Dataset records:

···

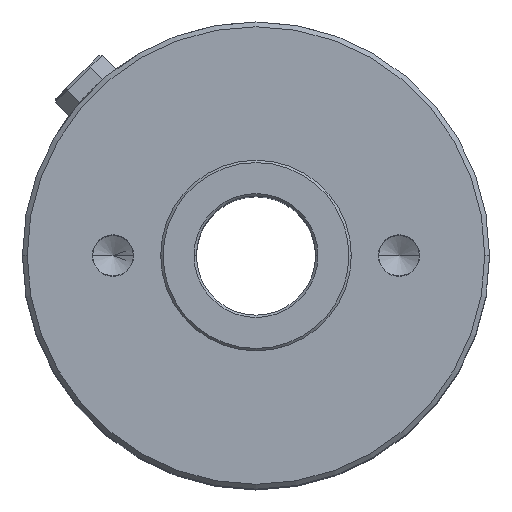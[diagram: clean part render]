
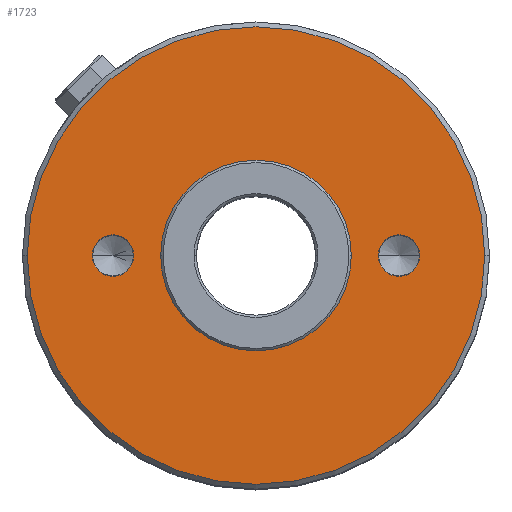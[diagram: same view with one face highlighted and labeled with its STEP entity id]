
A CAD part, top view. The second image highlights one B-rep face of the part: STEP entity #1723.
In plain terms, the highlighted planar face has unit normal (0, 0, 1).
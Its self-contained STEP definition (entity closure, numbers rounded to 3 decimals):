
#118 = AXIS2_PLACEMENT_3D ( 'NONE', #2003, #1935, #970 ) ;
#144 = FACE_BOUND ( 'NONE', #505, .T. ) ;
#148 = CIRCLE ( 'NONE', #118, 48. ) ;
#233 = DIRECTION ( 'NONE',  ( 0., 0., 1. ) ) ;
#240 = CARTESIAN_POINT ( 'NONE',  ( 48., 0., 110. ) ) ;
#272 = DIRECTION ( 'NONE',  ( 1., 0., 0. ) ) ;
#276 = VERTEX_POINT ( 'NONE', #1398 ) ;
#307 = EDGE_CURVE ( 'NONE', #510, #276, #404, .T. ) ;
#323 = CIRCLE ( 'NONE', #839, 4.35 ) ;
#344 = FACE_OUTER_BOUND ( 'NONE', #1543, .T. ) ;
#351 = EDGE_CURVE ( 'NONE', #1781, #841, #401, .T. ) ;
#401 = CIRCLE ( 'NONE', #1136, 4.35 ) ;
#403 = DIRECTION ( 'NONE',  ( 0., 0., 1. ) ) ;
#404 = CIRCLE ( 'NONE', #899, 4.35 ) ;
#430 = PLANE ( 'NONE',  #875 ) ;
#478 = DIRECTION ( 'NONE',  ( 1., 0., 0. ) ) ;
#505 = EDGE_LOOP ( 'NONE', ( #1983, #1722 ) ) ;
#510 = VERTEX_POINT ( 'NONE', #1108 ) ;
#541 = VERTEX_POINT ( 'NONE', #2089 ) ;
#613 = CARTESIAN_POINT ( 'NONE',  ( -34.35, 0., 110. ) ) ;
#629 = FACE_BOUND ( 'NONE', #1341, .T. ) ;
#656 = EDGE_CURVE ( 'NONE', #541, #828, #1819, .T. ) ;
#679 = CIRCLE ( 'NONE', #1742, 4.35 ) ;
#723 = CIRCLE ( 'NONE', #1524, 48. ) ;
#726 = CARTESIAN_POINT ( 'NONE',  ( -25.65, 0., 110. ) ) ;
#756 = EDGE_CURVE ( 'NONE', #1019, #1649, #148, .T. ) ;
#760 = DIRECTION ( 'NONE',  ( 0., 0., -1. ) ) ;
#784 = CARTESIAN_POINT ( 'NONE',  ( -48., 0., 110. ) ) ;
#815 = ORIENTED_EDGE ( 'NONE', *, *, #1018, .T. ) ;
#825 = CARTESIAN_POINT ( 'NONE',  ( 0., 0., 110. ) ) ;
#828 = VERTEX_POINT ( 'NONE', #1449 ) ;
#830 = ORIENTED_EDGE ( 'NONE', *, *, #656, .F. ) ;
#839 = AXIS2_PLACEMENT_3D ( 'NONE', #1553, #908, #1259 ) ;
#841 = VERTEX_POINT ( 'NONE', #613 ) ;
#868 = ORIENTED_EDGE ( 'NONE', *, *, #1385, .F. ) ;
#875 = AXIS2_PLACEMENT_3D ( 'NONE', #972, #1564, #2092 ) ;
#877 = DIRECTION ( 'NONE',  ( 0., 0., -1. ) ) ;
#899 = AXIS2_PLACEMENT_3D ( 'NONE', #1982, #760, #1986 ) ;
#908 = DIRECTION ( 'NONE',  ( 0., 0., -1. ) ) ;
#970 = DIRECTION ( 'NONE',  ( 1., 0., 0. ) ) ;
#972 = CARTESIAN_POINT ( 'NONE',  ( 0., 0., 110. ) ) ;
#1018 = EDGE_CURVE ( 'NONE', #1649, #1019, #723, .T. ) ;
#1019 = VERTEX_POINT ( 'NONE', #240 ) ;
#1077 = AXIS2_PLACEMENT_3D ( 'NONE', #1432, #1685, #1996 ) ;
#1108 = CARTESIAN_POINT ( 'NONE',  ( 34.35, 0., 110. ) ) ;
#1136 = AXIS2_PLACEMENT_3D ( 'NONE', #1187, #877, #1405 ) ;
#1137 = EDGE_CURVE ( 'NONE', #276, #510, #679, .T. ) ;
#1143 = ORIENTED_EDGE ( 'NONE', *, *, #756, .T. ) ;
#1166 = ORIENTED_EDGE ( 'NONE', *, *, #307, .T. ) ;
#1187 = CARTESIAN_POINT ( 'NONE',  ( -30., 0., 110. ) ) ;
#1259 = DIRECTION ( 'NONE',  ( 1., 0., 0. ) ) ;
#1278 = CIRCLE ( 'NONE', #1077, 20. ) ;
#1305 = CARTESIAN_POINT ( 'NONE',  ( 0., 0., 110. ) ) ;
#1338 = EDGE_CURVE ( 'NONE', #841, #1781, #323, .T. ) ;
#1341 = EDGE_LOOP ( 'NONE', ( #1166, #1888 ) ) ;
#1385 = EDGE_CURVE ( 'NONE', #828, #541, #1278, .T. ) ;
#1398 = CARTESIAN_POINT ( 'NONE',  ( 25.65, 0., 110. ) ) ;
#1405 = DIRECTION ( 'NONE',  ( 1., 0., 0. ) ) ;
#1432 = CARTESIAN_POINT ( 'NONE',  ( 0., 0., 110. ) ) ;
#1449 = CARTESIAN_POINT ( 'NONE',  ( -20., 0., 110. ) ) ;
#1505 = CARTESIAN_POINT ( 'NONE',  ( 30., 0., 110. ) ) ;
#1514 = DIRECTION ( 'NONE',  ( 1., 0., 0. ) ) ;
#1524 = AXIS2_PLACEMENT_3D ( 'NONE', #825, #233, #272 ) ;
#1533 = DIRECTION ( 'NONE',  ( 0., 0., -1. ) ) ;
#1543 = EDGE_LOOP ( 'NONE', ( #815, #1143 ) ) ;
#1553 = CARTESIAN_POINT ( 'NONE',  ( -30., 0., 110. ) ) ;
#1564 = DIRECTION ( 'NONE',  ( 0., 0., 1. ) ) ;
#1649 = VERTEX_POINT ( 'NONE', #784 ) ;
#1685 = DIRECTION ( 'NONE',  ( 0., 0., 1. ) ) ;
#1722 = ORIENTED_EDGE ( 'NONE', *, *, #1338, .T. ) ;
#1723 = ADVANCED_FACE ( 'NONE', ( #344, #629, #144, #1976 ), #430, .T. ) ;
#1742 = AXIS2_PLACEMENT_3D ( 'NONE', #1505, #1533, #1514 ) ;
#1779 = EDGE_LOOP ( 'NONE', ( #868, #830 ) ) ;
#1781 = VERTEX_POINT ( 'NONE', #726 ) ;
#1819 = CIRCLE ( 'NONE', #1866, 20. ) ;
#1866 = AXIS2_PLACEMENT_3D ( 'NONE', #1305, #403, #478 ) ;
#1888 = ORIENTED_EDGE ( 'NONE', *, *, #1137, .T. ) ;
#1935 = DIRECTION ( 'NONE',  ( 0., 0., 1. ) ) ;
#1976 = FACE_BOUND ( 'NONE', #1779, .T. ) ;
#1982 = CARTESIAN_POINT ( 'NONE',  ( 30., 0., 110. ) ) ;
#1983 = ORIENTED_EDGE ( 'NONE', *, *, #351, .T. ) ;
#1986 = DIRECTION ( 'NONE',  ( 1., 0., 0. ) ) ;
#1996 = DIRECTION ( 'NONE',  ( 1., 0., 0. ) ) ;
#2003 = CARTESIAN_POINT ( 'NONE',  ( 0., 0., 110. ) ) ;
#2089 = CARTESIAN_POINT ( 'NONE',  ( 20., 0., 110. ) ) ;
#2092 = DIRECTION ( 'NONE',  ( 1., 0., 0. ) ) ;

···

Scan the records above for the word "CIRCLE". Copy each line that has it.

#148 = CIRCLE ( 'NONE', #118, 48. ) ;
#323 = CIRCLE ( 'NONE', #839, 4.35 ) ;
#401 = CIRCLE ( 'NONE', #1136, 4.35 ) ;
#404 = CIRCLE ( 'NONE', #899, 4.35 ) ;
#679 = CIRCLE ( 'NONE', #1742, 4.35 ) ;
#723 = CIRCLE ( 'NONE', #1524, 48. ) ;
#1278 = CIRCLE ( 'NONE', #1077, 20. ) ;
#1819 = CIRCLE ( 'NONE', #1866, 20. ) ;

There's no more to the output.